Jornalista
Pessoas perfeitas não reclamam
Já dizia a canção de Ataulfo Alves: "Amélia é que era mulher de verdade". Às vezes, eu mesma me admiro quando percebo categorias como, por exemplo, a Educação, continuarem fazendo suas reivindicações mesmo quando já melhoraram bastante a sua remuneração, historicamente falando. Um colega que trabalha há muitos anos com movimentos sociais me disse que isso faz parte do "jogo", digamos assim, porque para não estagnar a luta, é preciso continuar a levantar as bandeiras. Na prática isso significa reclamar, fato que se torna um contraponto à lógica da sociedade, que muitas vezes prefere ficar omissa diante dos problemas recorrentes.

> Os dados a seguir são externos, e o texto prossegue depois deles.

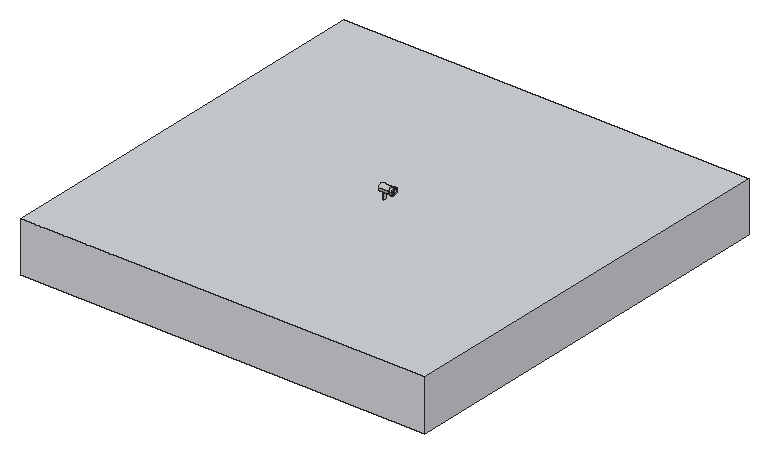
Revit family "LAMP_HANCE 48V 500", category Luminarias, Revit 2015
Parameters (values of type "314LM 2700 SPOT BLACK")
  Weight = 0.15 kg
  Type = "HIGH POWER CREE"
  Tilting angle [instance] = 90.00°
  Tilting [instance] = if(Tilting angle < 0.00°, 0.00°, if(Tilting angle > 90.00°, 90.00°, Tilting angle))  # 90.00°
  Rotation angle [instance] = 90.00°
  Protection rating = "IP20"
  Product datasheet = "http://www.lamp.es/product-files/TECH/HS1TL05SP827NBB-EN.pdf"
  Product code = "HS1TL05SP827NBB"
  Product URL = "https://www.lamp.es/en/family/hance-48v_195581"
  Power Supply = "48V DC"
  Power = 5 W
  Plum = 6.1 W
  Photometric web file = Cuerpo Hance 48V BASE 500 (tilting) : 314LM 2700 SPOT BLACK
  Modelo = Product code  # "HS1TL05SP827NBB"
  Model explanation = "Availability of tilting between 0º and 90º, rotation between 0º and 355º and change ring color when placed in a project."
  Material tija = LAMP_Aluminio Hance Negro
  Manufacturer name = "LAMP"
  Manufacturer country = "Spain"
  Manufacturer URL = "http://www.lamp.es/en"
  MacAdam = "5"
  Luminaire type = "Indoor - Spotlight"
  Last update = "18/03/2019"
  Lamp = "HIGH POWER LED"
  LED Lifetime = "50.000 L90"
  Insulation class = "III"
  Installation instructions = "https://www.lamp.es/product-files/INS/1004290-B-INSTR.%20DE%20MONTAJE%20HANCE%2048V.pdf"
  Initial intensity = 314 lm
  Initial color = 2700 K
  IEE = "A+"
  Height = 78 mm
  Gear = "Electronic"
  Finish = "RAL9011 textured"
  Fabricante = Manufacturer name  # "LAMP"
  Default Elevation = 1219.2 mm
  Efficacy = 51 lm/W
  Diameter = 40 mm
  Descripción = "HANCE TRACK 48 500 VWW SP BK."
  Decorative ring [instance] = Aro decorativo 48V (tilting) : Copper
  Comentarios de tipo = Model explanation  # "Availability of tilting between 0º and 90º, rotation between 0º and 355º and change ring color when placed in a project."
  CRI = "80"
Types (18, lengths in mm): name | Tilting angle | Tilting | Product datasheet | Product code | Photometric web file | Modelo | Material tija | Initial intensity | Initial color | Finish | Efficacy | Descripción
  314LM 2700 SPOT BLACK | 90.00° | 90.00° | "http://www.lamp.es/product-files/TECH/HS1TL05SP827NBB-EN.pdf" | "HS1TL05SP827NBB" | Cuerpo Hance 48V BASE 500 (tilting) : 314LM 2700 SPOT BLACK | "HS1TL05SP827NBB" | LAMP_Aluminio Hance Negro | 314 lm | 2700 K | "RAL9011 textured" | 51 lm/W | "HANCE TRACK 48 500 VWW SP BK."
  314LM 2700 SPOT WHITE | 0.00° | 0.00° | "http://www.lamp.es/product-files/TECH/HS1TL05SP827NBW-EN.pdf" | "HS1TL05SP827NBW" | Cuerpo Hance 48V BASE 500 (tilting) : 314LM 2700 SPOT WHITE | "HS1TL05SP827NBW" | LAMP_Aluminio Hance Blanco | 314 lm | 2700 K | "RAL9010 textured" | 51 lm/W | "HANCE TRACK 48 500 VWW SP WH."
  314LM 3000 SPOT BLACK | 0.00° | 0.00° | "http://www.lamp.es/product-files/TECH/HS1TL05SP830NBB-EN.pdf" | "HS1TL05SP830NBB" | Cuerpo Hance 48V BASE 500 (tilting) : 314LM 3000 SPOT BLACK | "HS1TL05SP830NBB" | LAMP_Aluminio Hance Negro | 314 lm | 3000 K | "RAL9011 textured" | 51 lm/W | "HANCE TRACK 48 500 WW SP BK."
  314LM 3000 SPOT WHITE | 0.00° | 0.00° | "http://www.lamp.es/product-files/TECH/HS1TL05SP830NBW-EN.pdf" | "HS1TL05SP830NBW" | Cuerpo Hance 48V BASE 500 (tilting) : 314LM 3000 SPOT WHITE | "HS1TL05SP830NBW" | LAMP_Aluminio Hance Blanco | 314 lm | 3000 K | "RAL9010 textured" | 51 lm/W | "HANCE TRACK 48 500 WW SP WH."
  339LM 4000 SPOT BLACK | 0.00° | 0.00° | "http://www.lamp.es/product-files/TECH/HS1TL05SP840NBB-EN.pdf" | "HS1TL05SP840NBB" | Cuerpo Hance 48V BASE 500 (tilting) : 339LM 4000 SPOT BLACK | "HS1TL05SP840NBB" | LAMP_Aluminio Hance Negro | 339 lm | 4000 K | "RAL9011 textured" | 55 lm/W | "HANCE TRACK 48 500 NW SP BK."
  339LM 4000 SPOT WHITE | 0.00° | 0.00° | "http://www.lamp.es/product-files/TECH/HS1TL05SP840NBW-EN.pdf" | "HS1TL05SP840NBW" | Cuerpo Hance 48V BASE 500 (tilting) : 339LM 4000 SPOT WHITE | "HS1TL05SP840NBW" | LAMP_Aluminio Hance Blanco | 339 lm | 4000 K | "RAL9010 textured" | 55 lm/W | "HANCE TRACK 48 500 NW SP WH."
  330LM 2700 MEDIUM FLOOD BLACK | 0.00° | 0.00° | "http://www.lamp.es/product-files/TECH/HS1TL05MF827NBB-EN.pdf" | "HS1TL05MF827NBB" | Cuerpo Hance 48V BASE 500 (tilting) : 330LM 2700 MEDIUM FLOOD BLACK | "HS1TL05MF827NBB" | LAMP_Aluminio Hance Negro | 330 lm | 2700 K | "RAL9011 textured" | 54 lm/W | "HANCE TRACK 48 500 VWW MFL BK."
  330LM 2700 MEDIUM FLOOD WHITE | 0.00° | 0.00° | "http://www.lamp.es/product-files/TECH/HS1TL05MF827NBW-EN.pdf" | "HS1TL05MF827NBW" | Cuerpo Hance 48V BASE 500 (tilting) : 330LM 2700 MEDIUM FLOOD WHITE | "HS1TL05MF827NBW" | LAMP_Aluminio Hance Blanco | 330 lm | 2700 K | "RAL9010 textured" | 54 lm/W | "HANCE TRACK 48 500 VWW MFL WH."
  330LM 3000 MEDIUM FLOOD BLACK | 0.00° | 0.00° | "http://www.lamp.es/product-files/TECH/HS1TL05MF830NBB-EN.pdf" | "HS1TL05MF830NBB" | Cuerpo Hance 48V BASE 500 (tilting) : 330LM 3000 MEDIUM FLOOD BLACK | "HS1TL05MF830NBB" | LAMP_Aluminio Hance Negro | 330 lm | 3000 K | "RAL9011 textured" | 54 lm/W | "HANCE TRACK 48 500 WW MFL BK."
  330LM 3000 MEDIUM FLOOD WHITE | 0.00° | 0.00° | "http://www.lamp.es/product-files/TECH/HS1TL05MF830NBW-EN.pdf" | "HS1TL05MF830NBW" | Cuerpo Hance 48V BASE 500 (tilting) : 330LM 3000 MEDIUM FLOOD WHITE | "HS1TL05MF830NBW" | LAMP_Aluminio Hance Blanco | 330 lm | 3000 K | "RAL9010 textured" | 54 lm/W | "HANCE TRACK 48 500 WW MFL WH."
  356LM 4000 MEDIUM FLOOD BLACK | 0.00° | 0.00° | "http://www.lamp.es/product-files/TECH/HS1TL05MF840NBB-EN.pdf" | "HS1TL05MF840NBB" | Cuerpo Hance 48V BASE 500 (tilting) : 356LM 4000 MEDIUM FLOOD BLACK | "HS1TL05MF840NBB" | LAMP_Aluminio Hance Negro | 356 lm | 4000 K | "RAL9011 textured" | 58 lm/W | "HANCE TRACK 48 500 NW MFL BK."
  356LM 4000 MEDIUM FLOOD WHITE | 0.00° | 0.00° | "http://www.lamp.es/product-files/TECH/HS1TL05MF840NBW-EN.pdf" | "HS1TL05MF840NBW" | Cuerpo Hance 48V BASE 500 (tilting) : 356LM 4000 MEDIUM FLOOD WHITE | "HS1TL05MF840NBW" | LAMP_Aluminio Hance Blanco | 356 lm | 4000 K | "RAL9010 textured" | 58 lm/W | "HANCE TRACK 48 500 NW MFL WH."
  324LM 2700 FLOOD BLACK | 0.00° | 0.00° | "http://www.lamp.es/product-files/TECH/HS1TL05FL827NBB-EN.pdf" | "HS1TL05FL827NBB" | Cuerpo Hance 48V BASE 500 (tilting) : 324LM 2700 FLOOD BLACK | "HS1TL05FL827NBB" | LAMP_Aluminio Hance Negro | 324 lm | 2700 K | "RAL9011 textured" | 53 lm/W | "HANCE TRACK 48 500 VWW FL BK."
  324LM 2700 FLOOD WHITE | 0.00° | 0.00° | "http://www.lamp.es/product-files/TECH/HS1TL05FL827NBW-EN.pdf" | "HS1TL05FL827NBW" | Cuerpo Hance 48V BASE 500 (tilting) : 324LM 2700 FLOOD WHITE | "HS1TL05FL827NBW" | LAMP_Aluminio Hance Blanco | 324 lm | 2700 K | "RAL9010 textured" | 53 lm/W | "HANCE TRACK 48 500 VWW FL WH."
  324LM 3000 FLOOD BLACK | 0.00° | 0.00° | "http://www.lamp.es/product-files/TECH/HS1TL05FL830NBB-EN.pdf" | "HS1TL05FL830NBB" | Cuerpo Hance 48V BASE 500 (tilting) : 324LM 3000 FLOOD BLACK | "HS1TL05FL830NBB" | LAMP_Aluminio Hance Negro | 324 lm | 3000 K | "RAL9011 textured" | 53 lm/W | "HANCE TRACK 48 500 WW FL BK."
  324LM 3000 FLOOD WHITE | 0.00° | 0.00° | "http://www.lamp.es/product-files/TECH/HS1TL05FL830NBW-EN.pdf" | "HS1TL05FL830NBW" | Cuerpo Hance 48V BASE 500 (tilting) : 324LM 3000 FLOOD WHITE | "HS1TL05FL830NBW" | LAMP_Aluminio Hance Blanco | 324 lm | 3000 K | "RAL9010 textured" | 53 lm/W | "HANCE TRACK 48 500 WW FL WH."
  349LM 4000 FLOOD BLACK | 0.00° | 0.00° | "http://www.lamp.es/product-files/TECH/HS1TL05FL840NBB-EN.pdf" | "HS1TL05FL840NBB" | Cuerpo Hance 48V BASE 500 (tilting) : 349LM 4000 FLOOD BLACK | "HS1TL05FL840NBB" | LAMP_Aluminio Hance Negro | 349 lm | 4000 K | "RAL9011 textured" | 57 lm/W | "HANCE TRACK 48 500 NW FL BK."
  349LM 4000 FLOOD WHITE | 0.00° | 0.00° | "http://www.lamp.es/product-files/TECH/HS1TL05FL840NBW-EN.pdf" | "HS1TL05FL840NBW" | Cuerpo Hance 48V BASE 500 (tilting) : 349LM 4000 FLOOD WHITE | "HS1TL05FL840NBW" | LAMP_Aluminio Hance Blanco | 349 lm | 4000 K | "RAL9010 textured" | 57 lm/W | "HANCE TRACK 48 500 NW FL WH."
Reference planes
  plane 1 "Centro (Frontal/Posterior)": y = 0
  plane 2: z = 0
  plane 3 "Centro (Izquierda/Derecha)": x = 0
Forms (mm)
  Extrusion 1, solid
    sketch origin (0, 0, 0) x (1, 0, 0) y (0, 1, 0)
      loop
        line (-1219.2, 1219.2) -> (-1219.2, -1219.2) -> (1219.2, -1219.2) -> (1219.2, 1219.2) -> (-1219.2, 1219.2)
    from 0 to -304.8
Lines and regions (mm)
  reference lines
    curve 1: line (0, 0, 0) -> (35, 0, 0)
Text (mm)
  text "Any modification of the parameters and properties of the LAMP BIM models must be executed and validated by the LAMP technical department.\n\nPhone: +34 93 736 68 00\n\nE-mail: lamp@lamp.es\n\n\n\nLAMP reserves the right to modify the technical specifications of its products." at (-20831.523, 15880.048, -4465.41), in view "Preview"
Dimensions and locks
  "Rotation angle": angle curve 1 to plane 3 "Centro (Izquierda/Derecha)"
  aligned and locked: plane 2 to Extrusion 1
  aligned and locked: level to Extrusion 1
  aligned and locked: plane 3 "Centro (Izquierda/Derecha)" to curve 1
  aligned and locked: plane 1 "Centro (Frontal/Posterior)" to curve 1
Automatic sketch dimensions
  Extrusion 1 sketch curve to Extrusion 1 sketch curve = 2438.4 mm  (x2)
Nested families
  nested 1: "Tija 48V" at (4.1, 0, 0), type "Tija 48V"
  nested 2: "Cuerpo Hance 48V BASE 500 (tilting)" at (3.081, -1.967, 42.155) x (1, 0, 0) z (0, 0, -1), type <- "Photometric web file", type "314LM 2700 SPOT BLACK"
  nested 3: "Aro decorativo 48V (tilting)" at (2.865, 0, 42.18) x (0, 0, 1) z (1, 0, 0), type <- "Decorative ring", type "Copper"
    with Tilting 0.00°
Definition of nested family "Tija 48V"
  Parameters (values of type "Tija 48V")
    Profundidad tija = 8.2 mm
    Material tija = none
    Default Elevation = 1219.2 mm
    Diametro vaciado redondo = if(Anchura tija = 20 mm, 10 mm, 7.5 mm)  # 7.5 mm
    Anchura tija = 15 mm
    Profundo vaciado = if(Profundidad tija = 18 mm, 10.8 mm, 1 mm)  # 1 mm
    Ancho vaciado = Anchura tija  # 15 mm
    Altura tija = 52.9 mm
  Reference planes
    plane 1 "Centro (Frontal/Posterior)": y = 0
    plane 2: z = 0
    plane 3 "Centro (Izquierda/Derecha)": x = 0
  Forms (mm)
    Extrusion 1, solid
      sketch origin (0, 0, 0) x (1, 0, 0) y (0, 1, 0)
        loop
          line (-1219.2, 1219.2) -> (-1219.2, -1219.2) -> (1219.2, -1219.2) -> (1219.2, 1219.2) -> (-1219.2, 1219.2)
      from 0 to -304.8
    Extrusion 2, solid, material <- "Material tija"
      sketch origin (0, 0, -18) x (1, 0, 0) y (0, 0, 1)
        loop
          line (4.1, 18) -> (4.1, 70.9) -> (-6.297, 70.9)
          arc (-6.297, 70.9) -> (-12.297, 64.9) -> (-6.297, 58.9) r 6
          line (-6.297, 58.9) -> (-4.1, 58.9) -> (-4.1, 40) -> (-18.142, 40) -> (-18.142, 18) -> (-4.1, 18) -> (4.1, 18)
      from -7.5 to 7.5
    Extrusion 3, void
      sketch origin (1, -11.5, 0) x (-1, 0, 0) y (0, 1, 0)
        loop
          line (0, 19) -> (-38.141, 19) -> (-38.141, 4) -> (0, 4)
          arc (0, 4) -> (-0.716, 11.5) -> (0, 19) r 39.653
      from -132.265 to 0
    Extrusion 4, void
      sketch origin (27.648, 0, 0) x (1, 0, 0) y (0, 1, 0)
        loop
          line (-31.748, 7.5) -> (-31.748, 17.5) -> (-61.648, 17.5) -> (-61.648, -18.394) -> (-31.748, -18.394) -> (-31.748, -7.5)
          arc (-31.748, -7.5) -> (-39.248, 0) -> (-31.748, 7.5) r 7.5
      from 0 to 22
    Extrusion 5, void
      sketch origin (0, 0, 0) x (1, 0, 0) y (0, 0, 1)
        loop
          circle (-7.621, 82.5) r 3.125
        loop
          circle (-7.621, 46.9) r 3.125
      from -21.347 to 27.483
  Cuts and joins
    Extrusion 3, Extrusion 4, Extrusion 5 cuts Extrusion 2
  Lines and regions (mm)
    reference lines
      curve 1: line (1, -11.5, 0) -> (1, 11.5, 0)
  Dimensions and locks
    equal spacing: cut or joined group of Extrusion 2, Extrusion 3, Extrusion 4, Extrusion 5, plane 1 "Centro (Frontal/Posterior)", cut or joined group of Extrusion 2, Extrusion 3, Extrusion 4, Extrusion 5
    "Anchura tija": cut or joined group of Extrusion 2, Extrusion 3, Extrusion 4, Extrusion 5 to cut or joined group of Extrusion 2, Extrusion 3, Extrusion 4, Extrusion 5
    plane 1 "Centro (Frontal/Posterior)" to Extrusion 3 sketch curve = 7.5 mm
    "Altura tija": Extrusion 2 sketch curve to Extrusion 2 sketch curve
    "Profundidad tija": cut or joined group of Extrusion 2, Extrusion 3, Extrusion 4, Extrusion 5 to cut or joined group of Extrusion 2, Extrusion 3, Extrusion 4, Extrusion 5
    locked: cut or joined group of Extrusion 2, Extrusion 3, Extrusion 4, Extrusion 5 to plane 3 "Centro (Izquierda/Derecha)" at 4.1
    locked: plane 3 "Centro (Izquierda/Derecha)" to Extrusion 3 sketch curve at 39.141
    "Profundo vaciado": plane 3 "Centro (Izquierda/Derecha)" to curve 1
    "Ancho vaciado": Extrusion 3 sketch curve to Extrusion 3 sketch curve
    equal spacing: Extrusion 3 sketch curve, plane 1 "Centro (Frontal/Posterior)", Extrusion 3 sketch curve
    "Diametro vaciado redondo": radius of Extrusion 4 sketch curve
    aligned and locked: plane 2 to Extrusion 1
    aligned and locked: level to Extrusion 1
  Automatic sketch dimensions
    Extrusion 1 sketch curve to Extrusion 1 sketch curve = 2438.4 mm  (x2)
    Extrusion 5 sketch curve to plane 3 "Centro (Izquierda/Derecha)" = 7.621 mm  (x2)
    level to Extrusion 5 sketch curve = 46.9 mm
    Extrusion 5 sketch curve to Extrusion 5 sketch curve = 35.6 mm
    Extrusion 5 sketch curve to Extrusion 5 sketch curve = 3.125 mm  (x2)
    Extrusion 2 sketch curve to level = 0 mm
    Extrusion 2 sketch curve to plane 3 "Centro (Izquierda/Derecha)" = 18.142 mm
    Extrusion 2 sketch curve to plane 3 "Centro (Izquierda/Derecha)" = 6.297 mm
    Extrusion 2 sketch curve to plane 3 "Centro (Izquierda/Derecha)" = 4.1 mm  (x2)
    plane 3 "Centro (Izquierda/Derecha)" to Extrusion 2 sketch curve = 4.1 mm
    level to Extrusion 2 sketch curve = 22 mm
    Extrusion 2 sketch curve to Extrusion 2 sketch curve = 12 mm
    plane 1 "Centro (Frontal/Posterior)" to curve 1 = 11.5 mm
    curve 1 to plane 1 "Centro (Frontal/Posterior)" = 11.5 mm
    Extrusion 3 sketch curve to curve 1 = 0 mm  (x2)
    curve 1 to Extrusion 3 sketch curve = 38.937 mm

Quantas vezes você parou para reclamar nos canais de comunicação oficial dos serviços públicos, que são, muitas vezes, inoperantes? Do transporte público, que poderia ser muito melhor para facilitar o dia a dia da gente, ou até mesmo das taxas cobradas de maneira equivocada pelos bancos? Reclamar de fulano ou ciclano, que não cumpriram suas tarefas, ainda é pior do que reclamar das instituições. Pois isso denota nossa falta de empatia, segundo me disseram. Mas por que ter empatia com pessoas que muitas vezes são até melhores remuneradas do que nós, e, ainda assim não cumprem suas obrigações e acabam nos prejudicando? De modo que eu me tornei "um saco", como me alertou uma colega, porque reclamo demais, mesmo tendo consciência de que não reclamo da vida, e sim das pessoas, dos fatos e das situações que poderiam ser evitadas.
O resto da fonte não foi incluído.